# Lecture en continue Podcasts



## Le Baron (24 Septembre 2017)

salut 

Depuis la mise à jour iOS 11 les épisodes de podcasts ne sont plus lu les uns après les autres.
J’ai beau fouillé dans les réglages rien n’y fait.
Merci salutations 
Flo


----------



## fwi98 (26 Septembre 2017)

Le Baron a dit:


> salut
> 
> Depuis la mise à jour iOS 11 les épisodes de podcasts ne sont plus lu les uns après les autres.
> J’ai beau fouillé dans les réglages rien n’y fait.
> ...


Bonjour, 
Même problème . Option "lecture continue" introuvable.
Auparavant il ne fallait d'ailleurs rien faire de spécial pour que tous les épisodes soient lus en continue.
Support Apple Contacté 0805 540 003 : il ne savent pas pourquoi , ne savent pas si la fonction a été enlevée ou non....
Salutations


----------



## fwi98 (27 Septembre 2017)

fwi98 a dit:


> Bonjour,
> Même problème . Option "lecture continue" introuvable.
> Auparavant il ne fallait d'ailleurs rien faire de spécial pour que tous les épisodes soient lus en continue.
> Support Apple Contacté 0805 540 003 : il ne savent pas pourquoi , ne savent pas si la fonction a été enlevée ou non....
> Salutations


Ajout : Bug corrigé avec la dernière version iOS 11.0.1


----------



## LAHO (1 Octobre 2017)

fwi98 a dit:


> Ajout : Bug corrigé avec la dernière version iOS 11.0.1



De mon côté le Problème est non corrigé avec IOS 11.0.1. 

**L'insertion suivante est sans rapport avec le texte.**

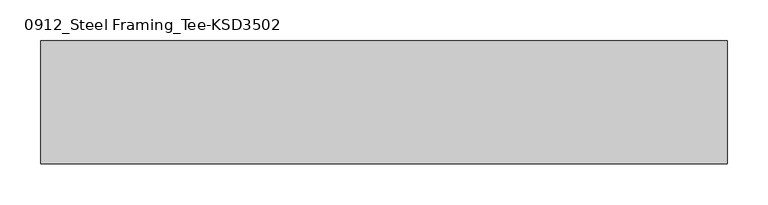
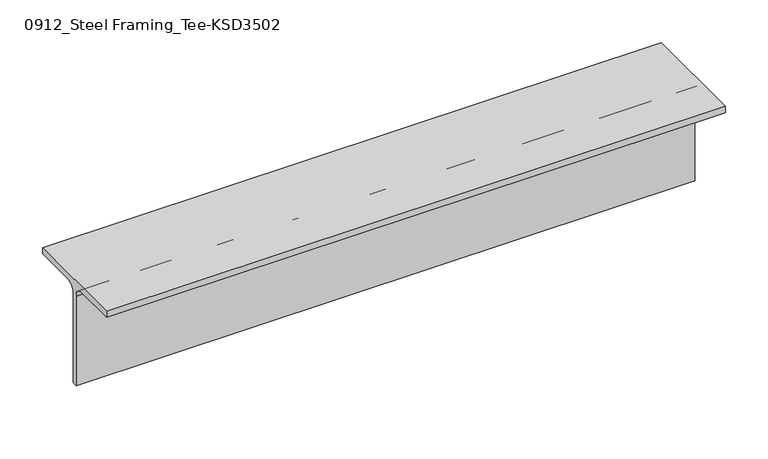
"""IFC4 building model written with IfcOpenShell, lengths in millimetres: member geometry, 0912_Steel Framing_Tee-KSD3502 : H_SB_ASB_CT-150x150x6.5x9."""

from ifc_helpers import new_model, si_unit, point, frame, frame_2d, origin, place, context, project, spatial, polyline, circle_curve, trimmed, segment, composite_curve, outline, extrude, source, transform, mapped, element, save


def member_0912_steel_framing_tee_ksd3502_cf34dda4(model_context):
    return source(origin(), model_context, "Body", "SweptSolid", [
        extrude(outline(composite_curve([segment(polyline([(-75.0, 75.0), (75.0, 75.0), (75.0, 66.0), (16.25, 66.0)]), True, "CONTINUOUS"), segment(trimmed(circle_curve(frame_2d((16.25, 53.0)), 13.0), [point((16.25, 66.0))], [point((3.25, 53.0))], True, "CARTESIAN"), True, "CONTINUOUS"), segment(polyline([(3.25, 53.0), (3.25, -75.0), (-3.25, -75.0), (-3.25, 53.0)]), True, "CONTINUOUS"), segment(trimmed(circle_curve(frame_2d((-16.25, 53.0)), 13.0), [point((-3.25, 53.0))], [point((-16.25, 66.0))], True, "CARTESIAN"), True, "CONTINUOUS"), segment(polyline([(-16.25, 66.0), (-75.0, 66.0), (-75.0, 75.0)]), True, "CONTINUOUS")], self_intersect=False)), frame((-500.0, 0.0, 0.0), z_axis=(1.0, 0.0, 0.0), x_axis=(0.0, 1.0, 0.0)), (0.0, 0.0, 1.0), 837.3),
    ])


if __name__ == "__main__":
    model = new_model("IFC4")
    model_context = context("Model", 3, world=origin())
    ifc_project = project(units=[si_unit("LENGTHUNIT", "METRE", prefix="MILLI")], contexts=[model_context])
    site = spatial("IfcSite", under=ifc_project)
    building = spatial("IfcBuilding", under=site)
    placement = place(None, origin())
    member_0912_steel_framing_tee_ksd3502_shape = member_0912_steel_framing_tee_ksd3502_cf34dda4(model_context)
    element("IfcMember", 1, ObjectType="0912_Steel Framing_Tee-KSD3502 : H_SB_ASB_CT-150x150x6.5x9", at=placement, inside=building, context=model_context, shape_type="MappedRepresentation", body=[
        mapped(member_0912_steel_framing_tee_ksd3502_shape, transform((0.0, 0.0, 0.0), x_axis=(1.0, 0.0, 0.0), y_axis=(0.0, 1.0, 0.0), z_axis=(0.0, 0.0, 1.0))),
    ])
    save(model, "model.ifc")

# Revit data of these elements
# Type "0912_Steel Framing_Tee-KSD3502 : H_SB_ASB_CT-150x150x6.5x9"
#   H_WM Code_1 = "S01AA003-00001 | Main Steel Structure Fabrication Work | Shelter/Building | Light Steel - Standard (30KG/M>Weight) | Material: (   )"
#   H_WM Code_2 = "S03AA029-00001 | Main Steel Structure Erection Work | Shelter/Building | Light Steel (30KG/M>Weight) | Material: (   )"
#   H_WM Code_3 = "S01AA010-00001 | Main Steel Structure Fabrication Work | Shelter/Building | Steel Painting/Coating | for Non-Fireproofed Steel Surface, Surface Preparation, Primer, Second & Final Coat | Material: (   )"
#   H_Q'ty Cal Type Tag = "SB-Q2"
#   Width = 15.0 cm
#   Web Thickness = 0.65 cm
#   Web Fillet = 1.3 cm
#   Section Area = 23.39 cm²
#   Perimeter = 0.60 m²/m
#   Nominal Weight = 18.40 kgf/m
#   Height = 15.0 cm
#   Flange Thickness = 0.9 cm
#   Centroid Vertical = 7.5 cm
#   Centroid Horizontal = 7.5 cm
#   Length [instance default] = 1.5000 m
#   Structural Material [instance default] = Steel, 45-345
#   Warping Constant = (empty or 0)
#   Torsional Moment of Inertia = 0
#   Section Name Key = ""
#   Plastic Modulus weak axis = 0
#   Plastic Modulus strong axis = 0
#   Moment of Inertia weak axis = 0
#   Moment of Inertia strong axis = 0
#   Elastic Modulus weak axis = 0
#   Elastic Modulus strong axis = 0
#   Bolt Spacing = 0
#   Assembly Code = ""
# Element 1 (IfcMember, "0912_Steel Framing_Tee-KSD3502 : H_SB_ASB_CT-150x150x6.5x9")
#   Structural Material = none
# Materials
#   "Steel, 45-345": class "Metal", colour RGB 189 187 185, transparency 0, Description = "Steel 345 MPa", Cost = 0

Quelqu’un a t il la solution pour activer la lecture en continue ?


----------



## fwi98 (1 Octobre 2017)

LAHO a dit:


> De mon côté le Problème est non corrigé avec IOS 11.0.1.
> 
> Quelqu’un a t il la solution pour activer la lecture en continue ?


Oui effectivement bug non corrigée avc iOS11. Confusion avec une liste de lecture ou 2 podcast se sont enchaînés .


----------



## Le Baron (1 Octobre 2017)

Pour avoir une lecture continue, attendant un correctif, je fait une nouvelle station avec les episodes que je souhaites lire et là les podcasts sont lu les uns derrière les autres.


----------



## jj_ardoino (10 Novembre 2017)

@Le Baron
Très agacé par l'accès supprimé aux listes de lecture, j'aurais volontiers utilisé la solution de la station. Sauf que je ne ne vois pas plus comment désigner dans Podcasts une station que je viens de créer sur Mac


----------